With Twitter users generating ample data during a day on multiple topics, the team mines such data, with mentions of a specific company. The sentiment of these tweets is then correlated to the closing value of a stock by day. Shareholders and company executives may then be able to predict if dissatisfaction affects the value of their company and holdings
- Company name and stock market abbreviation: e.g.
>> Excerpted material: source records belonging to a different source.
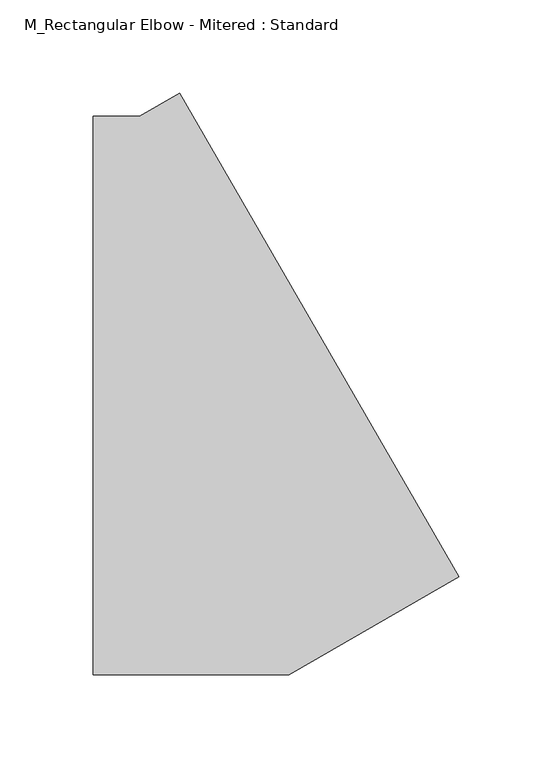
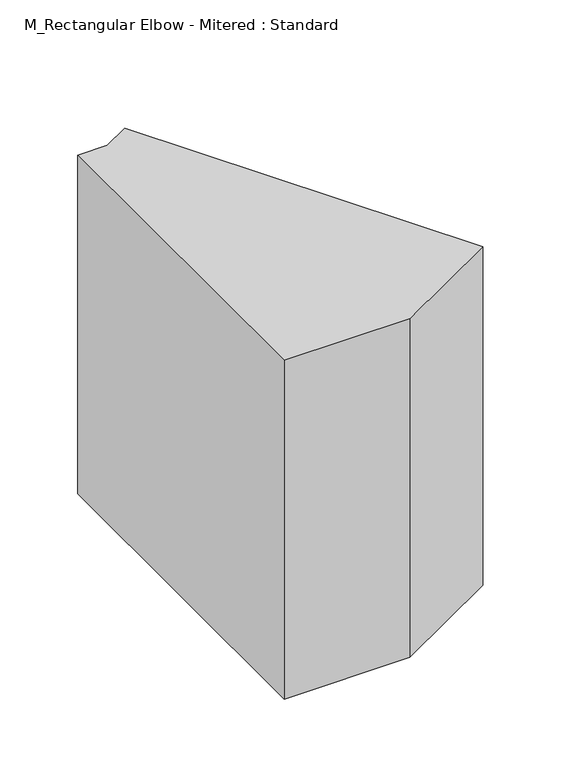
"""IFC4 building model written with IfcOpenShell, lengths in millimetres: duct fitting geometry, M_Rectangular Elbow - Mitered : Standard."""

from ifc_helpers import new_model, si_unit, frame, origin, place, context, project, spatial, polyline, outline, extrude, source, transform, mapped, element, save


def m_rectangular_elbow_mitered_standard_8b3b5101(model_context):
    return source(origin(), model_context, "Body", "SweptSolid", [
        extrude(outline(polyline([(-65.1923789, -150.0), (-65.1923789, 150.0), (-40.1923789, 150.0), (-18.5417438, 162.5), (131.4582562, -97.3076211), (40.1923789, -150.0), (-65.1923789, -150.0)])), frame((0.0, 0.0, -150.0), z_axis=(0.0, 0.0, 1.0), x_axis=(1.0, 0.0, 0.0)), (0.0, 0.0, 1.0), 300.0),
        extrude(outline(polyline([(-65.1923789, -150.0), (-65.1923789, 150.0), (-40.1923789, 150.0), (-18.5417438, 162.5), (131.4582562, -97.3076211), (40.1923789, -150.0), (-65.1923789, -150.0)])), frame((0.0, 0.0, -150.0), z_axis=(0.0, 0.0, 1.0), x_axis=(1.0, 0.0, 0.0)), (0.0, 0.0, 1.0), 300.0),
        extrude(outline(polyline([(-65.1923789, -150.0), (-65.1923789, 150.0), (-40.1923789, 150.0), (-18.5417438, 162.5), (131.4582562, -97.3076211), (40.1923789, -150.0), (-65.1923789, -150.0)])), frame((0.0, 0.0, -150.0), z_axis=(0.0, 0.0, 1.0), x_axis=(1.0, 0.0, 0.0)), (0.0, 0.0, 1.0), 300.0),
    ])


if __name__ == "__main__":
    model = new_model("IFC4")
    model_context = context("Model", 3, world=origin())
    ifc_project = project(units=[si_unit("LENGTHUNIT", "METRE", prefix="MILLI")], contexts=[model_context])
    site = spatial("IfcSite", under=ifc_project)
    building = spatial("IfcBuilding", under=site)
    placement = place(None, origin())
    m_rectangular_elbow_mitered_standard_shape = m_rectangular_elbow_mitered_standard_8b3b5101(model_context)
    element("IfcDuctFitting", 1, ObjectType="M_Rectangular Elbow - Mitered : Standard", at=placement, inside=building, context=model_context, shape_type="MappedRepresentation", body=[
        mapped(m_rectangular_elbow_mitered_standard_shape, transform((0.0, 0.0, 0.0), x_axis=(1.0, 0.0, 0.0), y_axis=(0.0, 1.0, 0.0), z_axis=(0.0, 0.0, 1.0))),
    ])
    save(model, "model.ifc")

Tesla’s market abbreviation TSLA
- Date range for needed analysis: e.g. 2019-09-23 to 2019-09-27
Python
Installable using pip: tweepy pandas six numpy matplotlib alpha-vantage csv google-cloud-language
- Open-source API’s are tricky because there is no direct assistance from the API’s owners
- API’s are discontinued from time to time, e.g. the Yahoo Finance stock market API; and often, the data is limited, e.g. the Quandl stock market API provides data up to March 26, 2018
- There is a lot of potential with the Twitter API, aside from a sentiment analysis: the team can imagine extensive models which return most used words, heatmaps on where a product is used the most, etc. allowing entities such as small businesses or indie artists to thrive in the digital economy
- For some companies, there may not be a correlation between sentiment and stock value. For some, the correlation might be more visible over a long period of time. The correlation might even be mor elikely due to industry; perhaps, fashion might see higher correlation. The analysis can now be performed with the tool provided.